(Stored records)

----------

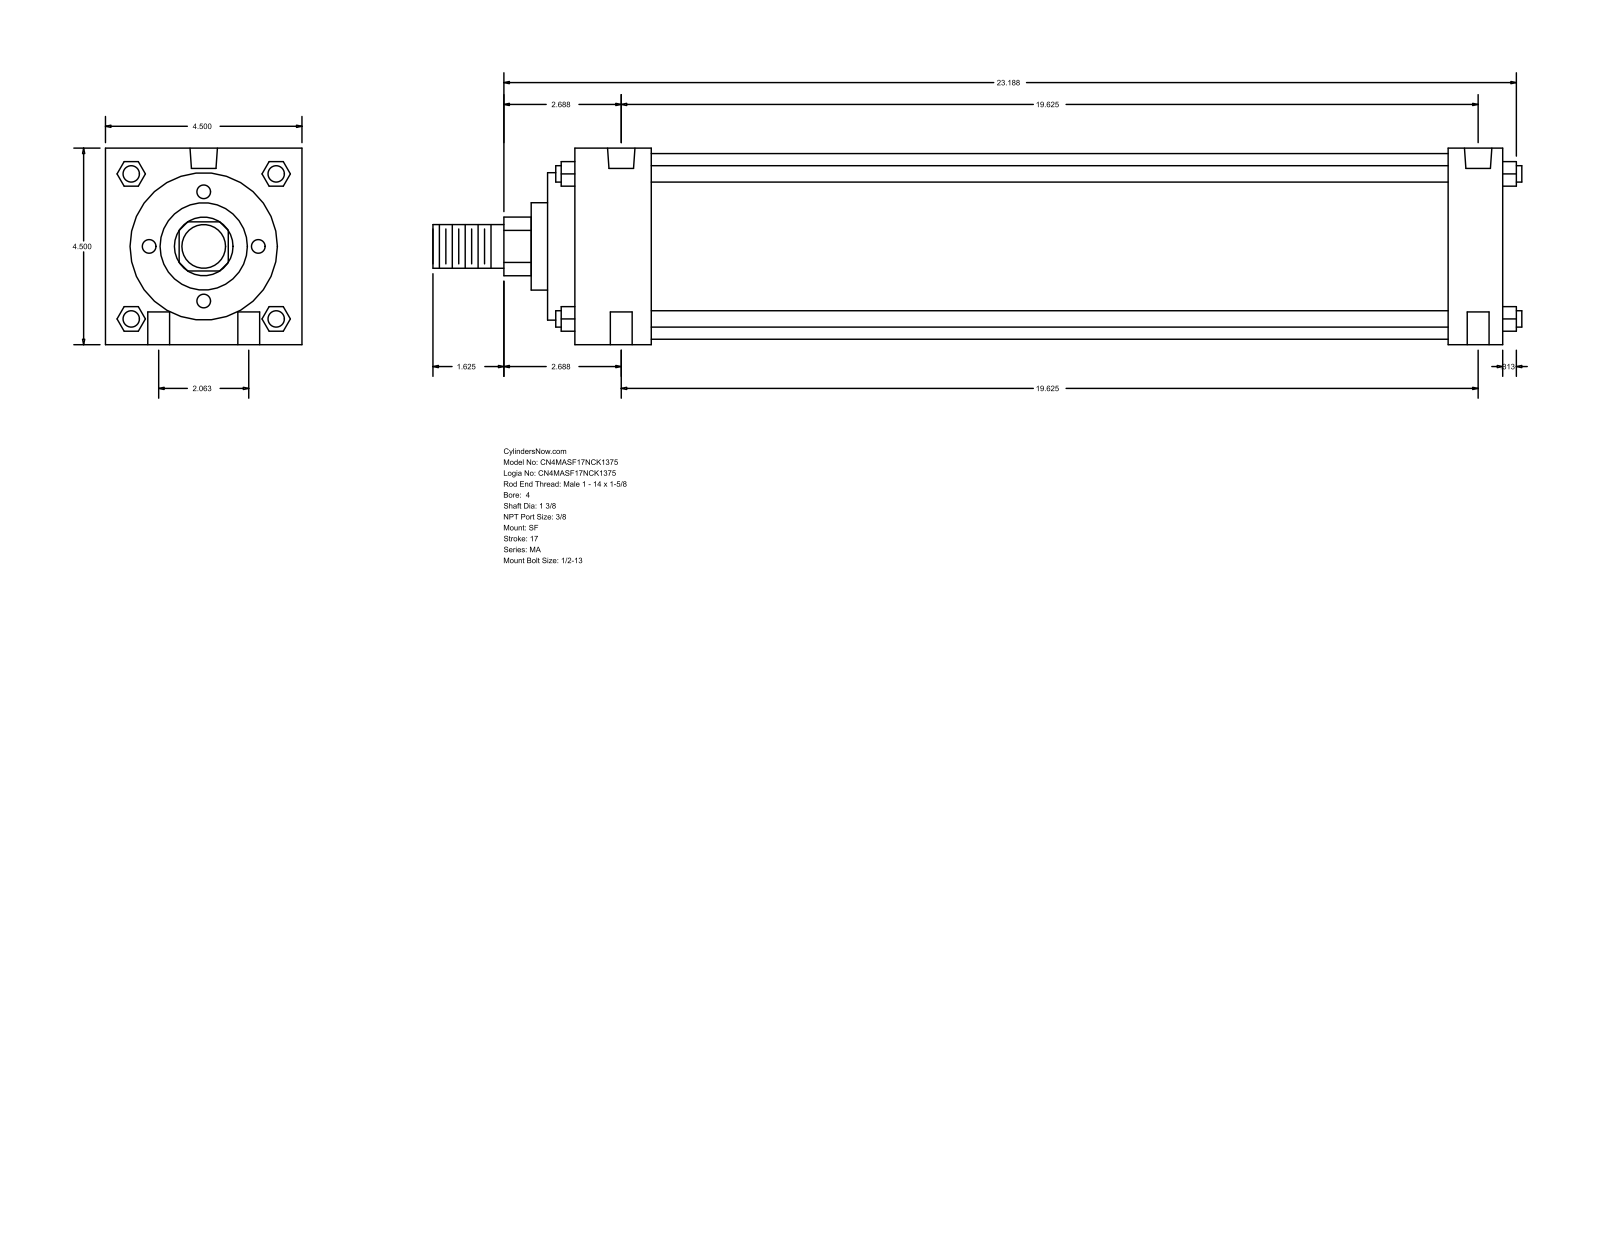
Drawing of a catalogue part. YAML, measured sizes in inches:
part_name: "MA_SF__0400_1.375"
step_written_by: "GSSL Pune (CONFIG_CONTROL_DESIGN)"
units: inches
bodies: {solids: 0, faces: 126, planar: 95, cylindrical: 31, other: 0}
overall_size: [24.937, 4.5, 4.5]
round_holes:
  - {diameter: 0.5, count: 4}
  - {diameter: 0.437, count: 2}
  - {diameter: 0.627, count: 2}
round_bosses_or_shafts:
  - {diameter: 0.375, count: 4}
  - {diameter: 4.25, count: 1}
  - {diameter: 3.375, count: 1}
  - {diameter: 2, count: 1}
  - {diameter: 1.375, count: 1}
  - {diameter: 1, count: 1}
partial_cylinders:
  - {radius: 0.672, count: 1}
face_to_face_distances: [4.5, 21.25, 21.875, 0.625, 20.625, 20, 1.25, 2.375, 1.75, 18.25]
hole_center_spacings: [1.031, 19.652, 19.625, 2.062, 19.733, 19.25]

----------

[Assignment]
If a line in the entries contains "count", copy it.

[Answer box]
  - {diameter: 0.5, count: 4}
  - {diameter: 0.437, count: 2}
  - {diameter: 0.627, count: 2}
  - {diameter: 0.375, count: 4}
  - {diameter: 4.25, count: 1}
  - {diameter: 3.375, count: 1}
  - {diameter: 2, count: 1}
  - {diameter: 1.375, count: 1}
  - {diameter: 1, count: 1}
  - {radius: 0.672, count: 1}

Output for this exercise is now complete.